(Stored items)
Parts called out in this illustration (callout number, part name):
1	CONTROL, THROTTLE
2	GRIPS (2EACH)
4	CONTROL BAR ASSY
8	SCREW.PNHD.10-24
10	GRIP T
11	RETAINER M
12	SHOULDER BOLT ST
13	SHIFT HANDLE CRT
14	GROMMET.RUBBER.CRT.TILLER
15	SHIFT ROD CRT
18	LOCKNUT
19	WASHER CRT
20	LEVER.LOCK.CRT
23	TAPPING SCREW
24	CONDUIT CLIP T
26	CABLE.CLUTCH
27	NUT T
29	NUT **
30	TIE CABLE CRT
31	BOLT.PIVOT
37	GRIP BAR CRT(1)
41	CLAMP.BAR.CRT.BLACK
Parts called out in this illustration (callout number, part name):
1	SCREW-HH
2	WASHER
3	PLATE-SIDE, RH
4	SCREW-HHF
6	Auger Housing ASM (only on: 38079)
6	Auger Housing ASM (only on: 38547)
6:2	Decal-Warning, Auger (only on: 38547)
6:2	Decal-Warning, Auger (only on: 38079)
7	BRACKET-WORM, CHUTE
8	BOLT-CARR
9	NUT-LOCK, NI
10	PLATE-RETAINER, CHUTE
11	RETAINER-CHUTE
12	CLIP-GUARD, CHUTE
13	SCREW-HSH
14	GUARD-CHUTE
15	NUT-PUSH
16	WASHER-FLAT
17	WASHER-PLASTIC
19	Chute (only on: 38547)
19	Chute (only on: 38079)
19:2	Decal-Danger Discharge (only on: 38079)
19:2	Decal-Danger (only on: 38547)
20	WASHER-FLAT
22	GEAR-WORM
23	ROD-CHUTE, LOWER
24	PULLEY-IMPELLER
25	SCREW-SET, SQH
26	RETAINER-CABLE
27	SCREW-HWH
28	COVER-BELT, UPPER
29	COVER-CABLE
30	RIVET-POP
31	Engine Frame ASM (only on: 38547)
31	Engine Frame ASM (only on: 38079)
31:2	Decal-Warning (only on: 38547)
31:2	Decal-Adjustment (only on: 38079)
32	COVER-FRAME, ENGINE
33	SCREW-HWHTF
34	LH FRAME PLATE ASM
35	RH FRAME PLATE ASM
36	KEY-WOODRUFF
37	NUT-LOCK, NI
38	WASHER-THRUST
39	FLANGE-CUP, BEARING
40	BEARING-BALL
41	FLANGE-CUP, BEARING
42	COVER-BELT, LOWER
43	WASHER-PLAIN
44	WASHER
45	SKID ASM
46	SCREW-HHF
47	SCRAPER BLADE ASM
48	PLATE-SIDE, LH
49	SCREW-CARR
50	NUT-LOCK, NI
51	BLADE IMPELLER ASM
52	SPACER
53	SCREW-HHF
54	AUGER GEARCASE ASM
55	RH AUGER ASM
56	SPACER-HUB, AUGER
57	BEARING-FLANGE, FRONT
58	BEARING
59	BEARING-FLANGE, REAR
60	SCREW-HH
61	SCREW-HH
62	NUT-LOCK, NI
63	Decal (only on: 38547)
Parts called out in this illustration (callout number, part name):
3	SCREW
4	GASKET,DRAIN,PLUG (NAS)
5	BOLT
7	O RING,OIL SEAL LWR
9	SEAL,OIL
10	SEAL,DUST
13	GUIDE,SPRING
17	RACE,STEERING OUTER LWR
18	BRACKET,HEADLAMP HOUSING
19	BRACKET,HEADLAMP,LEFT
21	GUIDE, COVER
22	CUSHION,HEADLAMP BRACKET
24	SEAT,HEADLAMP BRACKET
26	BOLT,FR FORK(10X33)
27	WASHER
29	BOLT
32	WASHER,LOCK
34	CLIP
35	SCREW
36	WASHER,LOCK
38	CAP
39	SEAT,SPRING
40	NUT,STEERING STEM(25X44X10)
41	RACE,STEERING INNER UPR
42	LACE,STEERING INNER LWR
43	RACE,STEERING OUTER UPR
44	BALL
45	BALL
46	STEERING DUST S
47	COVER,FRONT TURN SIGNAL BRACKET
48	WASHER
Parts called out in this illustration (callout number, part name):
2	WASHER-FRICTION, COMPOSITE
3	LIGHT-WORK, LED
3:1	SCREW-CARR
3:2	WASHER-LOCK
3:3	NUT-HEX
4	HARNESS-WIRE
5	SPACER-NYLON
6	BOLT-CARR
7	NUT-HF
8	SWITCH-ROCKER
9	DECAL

WORK TO COMPLETE
Which lines of the data include "BEARING"? Copy each of them.

THE COMPLETED TASK
39	FLANGE-CUP, BEARING
40	BEARING-BALL
41	FLANGE-CUP, BEARING
57	BEARING-FLANGE, FRONT
58	BEARING
59	BEARING-FLANGE, REAR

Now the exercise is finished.